Okul hayatında zorlanan, öğrenmekten ziyade oynamayı düşünen, ruh hali günden güne farklılık gösteren, aşırı derecede hassas, içedönük, kendisini ifade etmekte zorluk çeken, biraz hırçın bir çocuk.Onlar, "ya hep ya hiç" duygusallığıyla hareket ederler. Ya birdenbire en yükseğe çıkmak, ya da yerinden kıpırdamamak.
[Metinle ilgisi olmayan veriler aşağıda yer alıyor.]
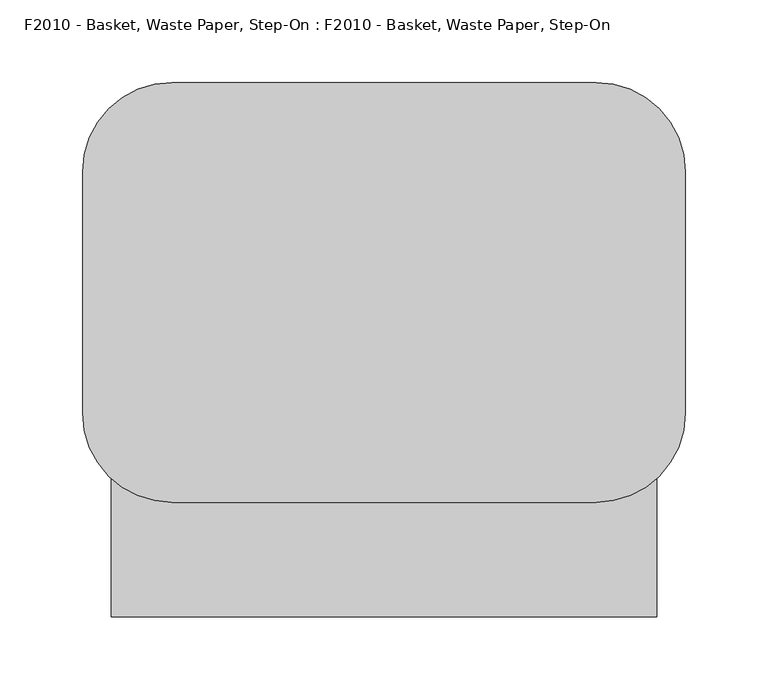
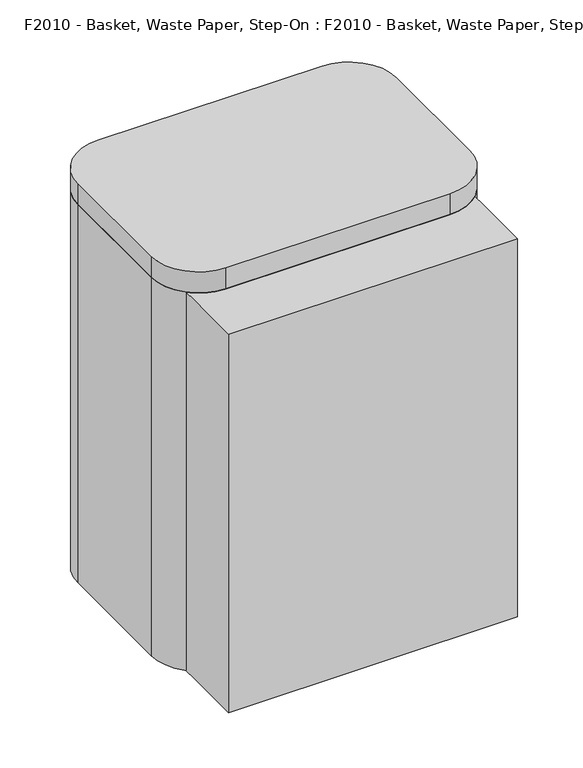
"""IFC4 building model written with IfcOpenShell, lengths in millimetres: proxy geometry, F2010 - Basket, Waste Paper, Step-On : F2010 - Basket, Waste Paper, Step-On."""

import ifcopenshell
import ifcopenshell.guid

model = None  # the IFC model being written
_history = None  # IfcOwnerHistory: only IFC2X3 demands one
_inside = {}  # id of a spatial element -> (the spatial element, [elements in it])
_under = {}  # id of a project, library or spatial element -> (it, [spatial elements below it])
_declared = {}  # id of a project -> (the project, [libraries it declares])
_typed = {}  # id of a type object -> (the type object, [elements of that type])
_made_of = {}  # id of a material, layer set ... -> (it, [elements and type objects made of it])


def new_model(schema):
    """Start an empty IFC model of exactly this schema.

    Asked for "IFC4X3", IfcOpenShell would pick the latest addendum, in which some entities
    have other attributes; the version numbers below select the first issue.
    IFC2X3 requires an IfcOwnerHistory on every rooted entity: one is made here for all.
    """
    global model, _history
    if schema == "IFC4X3":
        model = ifcopenshell.file(schema_version=(4, 3, 0, 0))
    else:
        model = ifcopenshell.file(schema=schema)
    _inside.clear()
    _under.clear()
    _declared.clear()
    _typed.clear()
    _made_of.clear()
    _history = None
    if model.schema == "IFC2X3":
        org = make("IfcOrganization", Name="unknown")
        user = make(
            "IfcPersonAndOrganization",
            ThePerson=make("IfcPerson", FamilyName="unknown"),
            TheOrganization=org,
        )
        app = make(
            "IfcApplication",
            ApplicationDeveloper=org,
            Version="unknown",
            ApplicationFullName="unknown",
            ApplicationIdentifier="unknown",
        )
        _history = make(
            "IfcOwnerHistory",
            OwningUser=user,
            OwningApplication=app,
            ChangeAction="ADDED",
            CreationDate=0,
        )
    return model


def make(cls, **values):
    """One entity of the class cls with the attributes given. An attribute that is None is left unset."""
    return model.create_entity(
        cls, **{name: value for name, value in values.items() if value is not None}
    )


def rooted(cls, **values):
    """An entity with a GlobalId (a new one), such as an element, a storey or a relation."""
    return make(cls, GlobalId=ifcopenshell.guid.new(), OwnerHistory=_history, **values)


def si_unit(unit_type, name, prefix=None):
    """IfcSIUnit, for example si_unit("LENGTHUNIT", "METRE", prefix="MILLI")."""
    return make("IfcSIUnit", UnitType=unit_type, Prefix=prefix, Name=name)


def assignment(units):
    """IfcUnitAssignment: the units of a project."""
    return None if units is None else make("IfcUnitAssignment", Units=units)


def point(xyz):
    """IfcCartesianPoint."""
    return None if xyz is None else make("IfcCartesianPoint", Coordinates=xyz)


def direction(xyz):
    """IfcDirection."""
    return None if xyz is None else make("IfcDirection", DirectionRatios=xyz)


def frame(location, z_axis=None, x_axis=None):
    """IfcAxis2Placement3D, a coordinate frame: its origin and axes. An axis left out is left unset."""
    return make(
        "IfcAxis2Placement3D",
        Location=point(location),
        Axis=direction(z_axis),
        RefDirection=direction(x_axis),
    )


def frame_2d(location, x_axis=None):
    """IfcAxis2Placement2D, a coordinate frame in the plane: its origin and x axis."""
    return make(
        "IfcAxis2Placement2D", Location=point(location), RefDirection=direction(x_axis)
    )


def origin():
    """The frame at (0, 0, 0) with its axes left unset."""
    return frame((0.0, 0.0, 0.0))


def origin_with_axes():
    """The frame at (0, 0, 0) with the z axis (0, 0, 1) and the x axis (1, 0, 0) written out."""
    return frame((0.0, 0.0, 0.0), z_axis=(0.0, 0.0, 1.0), x_axis=(1.0, 0.0, 0.0))


def place(relative_to, where):
    """IfcLocalPlacement: puts the frame where relative to a parent placement (None: the world)."""
    return make(
        "IfcLocalPlacement", PlacementRelTo=relative_to, RelativePlacement=where
    )


def context(
    kind, dimensions, precision=None, world=None, true_north=None, identifier=None
):
    """IfcGeometricRepresentationContext, for example the 3D "Model" context."""
    return make(
        "IfcGeometricRepresentationContext",
        ContextIdentifier=identifier,
        ContextType=kind,
        CoordinateSpaceDimension=dimensions,
        Precision=precision,
        WorldCoordinateSystem=world,
        TrueNorth=true_north,
    )


def project(units=None, contexts=None):
    """IfcProject with its units and contexts."""
    return rooted(
        "IfcProject",
        Name="project",
        RepresentationContexts=contexts,
        UnitsInContext=assignment(units),
    )


def spatial(cls, under=None, at=None, **own):
    """A site, building, storey or space (cls), placed at a placement, below another one or the project."""
    s = rooted(cls, ObjectPlacement=at, **own)
    if under is not None:
        _under.setdefault(under.id(), (under, []))[1].append(s)
    return s


def polyline(points):
    """IfcPolyline through the points."""
    return make("IfcPolyline", Points=[point(p) for p in points])


def circle_curve(where, radius):
    """IfcCircle in the frame where."""
    return make("IfcCircle", Position=where, Radius=radius)


def trimmed(basis, trim1, trim2, sense, master):
    """IfcTrimmedCurve: the piece of a basis curve between two trims."""
    return make(
        "IfcTrimmedCurve",
        BasisCurve=basis,
        Trim1=trim1,
        Trim2=trim2,
        SenseAgreement=sense,
        MasterRepresentation=master,
    )


def segment(curve, same_sense, transition):
    """IfcCompositeCurveSegment."""
    return make(
        "IfcCompositeCurveSegment",
        Transition=transition,
        SameSense=same_sense,
        ParentCurve=curve,
    )


def composite_curve(segments, self_intersect=None):
    """IfcCompositeCurve: segments joined end to end."""
    return make("IfcCompositeCurve", Segments=segments, SelfIntersect=self_intersect)


def outline(outer, holes=None, kind="AREA"):
    """IfcArbitraryClosedProfileDef: a profile drawn as a closed curve; with holes, ...WithVoids."""
    if holes is None:
        return make("IfcArbitraryClosedProfileDef", ProfileType=kind, OuterCurve=outer)
    return make(
        "IfcArbitraryProfileDefWithVoids",
        ProfileType=kind,
        OuterCurve=outer,
        InnerCurves=holes,
    )


def extrude(swept, where, along, depth):
    """IfcExtrudedAreaSolid: the profile swept, set in the frame where, extruded along a direction by depth."""
    return make(
        "IfcExtrudedAreaSolid",
        SweptArea=swept,
        Position=where,
        ExtrudedDirection=direction(along),
        Depth=depth,
    )


def shape(context_of_items, identifier, shape_type, items):
    """IfcShapeRepresentation: the items that make up one representation, for example the "Body"."""
    return make(
        "IfcShapeRepresentation",
        ContextOfItems=context_of_items,
        RepresentationIdentifier=identifier,
        RepresentationType=shape_type,
        Items=items,
    )


def source(mapping_origin, context_of_items, identifier, shape_type, items):
    """IfcRepresentationMap: a shape defined once, which mapped items show again and again."""
    return make(
        "IfcRepresentationMap",
        MappingOrigin=mapping_origin,
        MappedRepresentation=shape(context_of_items, identifier, shape_type, items),
    )


def transform(
    local_origin,
    x_axis=None,
    y_axis=None,
    z_axis=None,
    scale=None,
    scale2=None,
    scale3=None,
    uniform=True,
):
    """IfcCartesianTransformationOperator3D, or its non-uniform kind. x_axis, y_axis, z_axis: its Axis1, 2, 3."""
    if uniform:
        return make(
            "IfcCartesianTransformationOperator3D",
            Axis1=direction(x_axis),
            Axis2=direction(y_axis),
            LocalOrigin=point(local_origin),
            Scale=scale,
            Axis3=direction(z_axis),
        )
    return make(
        "IfcCartesianTransformationOperator3DnonUniform",
        Axis1=direction(x_axis),
        Axis2=direction(y_axis),
        LocalOrigin=point(local_origin),
        Scale=scale,
        Axis3=direction(z_axis),
        Scale2=scale2,
        Scale3=scale3,
    )


def mapped(mapping_source, mapping_target):
    """IfcMappedItem: shows the shape of a source again, moved by a transform."""
    return make(
        "IfcMappedItem", MappingSource=mapping_source, MappingTarget=mapping_target
    )


def made_of(thing, what):
    """Note that an element or type object is made of a material, layer set ...; save() writes the relation."""
    if what is not None:
        _made_of.setdefault(what.id(), (what, []))[1].append(thing)
    return thing


def element(
    cls,
    number,
    at=None,
    inside=None,
    cuts=None,
    type_object=None,
    material=None,
    context=None,
    identifier="Body",
    shape_type=None,
    held_by="IfcProductDefinitionShape",
    body=None,
    shapes=None,
    **own,
):
    """One element of the class cls, such as IfcWall. Its Tag is "e" and its number.

    at: its placement. inside: the storey or other place that contains it. cuts: it is an
    opening in that element (IfcRelVoidsElement). A single representation is given by context,
    identifier, shape_type and body (its items); several are given by shapes. held_by: the class
    of the entity that holds the representations. save() writes the other relations.
    """
    e = rooted(cls, Tag="e%d" % number, ObjectPlacement=at, **own)
    if body is not None:
        shapes = [shape(context, identifier, shape_type, body)]
    if shapes is not None:
        e.Representation = make(held_by, Representations=shapes)
    if inside is not None:
        _inside.setdefault(inside.id(), (inside, []))[1].append(e)
    if cuts is not None:
        rooted(
            "IfcRelVoidsElement", RelatingBuildingElement=cuts, RelatedOpeningElement=e
        )
    if type_object is not None:
        _typed.setdefault(type_object.id(), (type_object, []))[1].append(e)
    return made_of(e, material)


def aggregate(whole, parts):
    """IfcRelAggregates: a whole, such as a stair, and the parts it consists of."""
    return rooted("IfcRelAggregates", RelatingObject=whole, RelatedObjects=parts)


def save(model, path):
    """Write the relations noted so far, then the file.

    IfcRelAggregates (storeys below a building ...), IfcRelContainedInSpatialStructure (elements
    in a storey), IfcRelDefinesByType, IfcRelAssociatesMaterial and IfcRelDeclares: one each for
    every whole, place, type object, material and project.
    """
    for whole, parts in _under.values():
        aggregate(whole, parts)
    for where, things in _inside.values():
        rooted(
            "IfcRelContainedInSpatialStructure",
            RelatedElements=things,
            RelatingStructure=where,
        )
    for kind, things in _typed.values():
        rooted("IfcRelDefinesByType", RelatedObjects=things, RelatingType=kind)
    for what, things in _made_of.values():
        rooted("IfcRelAssociatesMaterial", RelatedObjects=things, RelatingMaterial=what)
    for by, libraries in _declared.values():
        rooted("IfcRelDeclares", RelatingContext=by, RelatedDefinitions=libraries)
    model.write(path)


def plane_surface(at):
    """IfcPlane: the flat surface through the origin of the frame at, square to its z axis."""
    return make("IfcPlane", Position=at)


def cylinder_surface(at, radius):
    """IfcCylindricalSurface: all points at the distance radius from the z axis of the frame at."""
    return make("IfcCylindricalSurface", Position=at, Radius=radius)


def revolved_surface(curve, axis_point, axis_direction):
    """IfcSurfaceOfRevolution: the curve turned about the line through axis_point along axis_direction."""
    return make(
        "IfcSurfaceOfRevolution",
        SweptCurve=make("IfcArbitraryOpenProfileDef", ProfileType="CURVE", Curve=curve),
        AxisPosition=make("IfcAxis1Placement", Location=point(axis_point), Axis=direction(axis_direction)),
    )


def advanced_brep(points, edges, surfaces, faces):
    """IfcAdvancedBrep: a solid bounded by faces that lie on surfaces and meet in shared edges.

    An edge is (start, end): straight between two places in points (the first is 0);
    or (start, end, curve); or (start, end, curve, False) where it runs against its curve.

Merdiveni basamaktan basamağa çıkmak onlara göre değildir. Onlar korumak ve korunmak, sevmek ve sevilmek için yaratılmıştır adeta. Ailesine aşırı düşkündürler. Ve doğuştan annedirler. Başkasının bebeğini seven, saatlerce zevk için bebeklerle oynayan bir kız veya kadın görürseniz anlayın ki Yengeçtir. Erkeklerinde dahi annelik duygusu yoğundur, ancak bunu göstermeyi sevmezler.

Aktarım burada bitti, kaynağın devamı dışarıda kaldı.